▶ [EXERCISE REQUIREMENTS]:
Each line holding the word "records" must appear in the answer, copied from the entries.

▶ [EXERCISE DATA]:
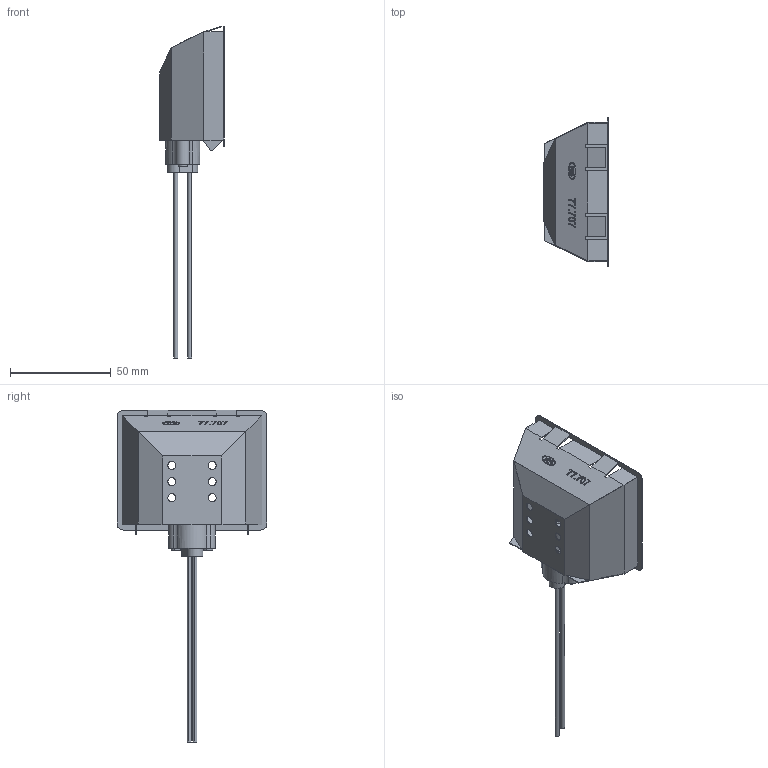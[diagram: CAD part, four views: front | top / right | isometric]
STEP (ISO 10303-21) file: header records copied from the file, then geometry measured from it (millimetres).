
FILE_DESCRIPTION((' '),'1');
FILE_NAME('00CYK03Y05.stp','2013-10-23 T09:57:12',(''),(''),'STEP Interface 2013.192 by CT CoreTechnologie','3D_Evolution2013.192 by CT CoreTechnologie','');
FILE_SCHEMA(('AP203_CONFIGURATION_CONTROLLED_3D_DESIGN_OF_MECHANICAL_PARTS_AND_ASSEMBLIES_MIM_LF'));
Length unit declared in the file: millimetre
Products named in the file (4): 00CYK03Y05; 00CYK03Y05-1; 00CYK03Y05-2; 00CYK03Y05-3
Assembly tree (3 placements, depth 2):
  00CYK03Y05
    00CYK03Y05-1
    00CYK03Y05-2
    00CYK03Y05-3
Bounding box: 31.9 x 74.2 x 164.48 mm (x, y, z)
Volume: 9335.6 mm3; surface area: 23407.3 mm2
Topology: 3 solids, 3 shells, 280 faces, 716 edges, 472 vertices
Faces by surface type: plane 163, cylinder 87, bspline 30
Entity records: 11357 total; most frequent: CARTESIAN_POINT 2128, ORIENTED_EDGE 1432, DIRECTION 1418, EDGE_CURVE 716, VECTOR 474, LINE 474, AXIS2_PLACEMENT_3D 472, VERTEX_POINT 472

▶ [RESULT]:
STEP (ISO 10303-21) file: header records copied from the file, then geometry measured from it (millimetres).
Entity records: 11357 total; most frequent: CARTESIAN_POINT 2128, ORIENTED_EDGE 1432, DIRECTION 1418, EDGE_CURVE 716, VECTOR 474, LINE 474, AXIS2_PLACEMENT_3D 472, VERTEX_POINT 472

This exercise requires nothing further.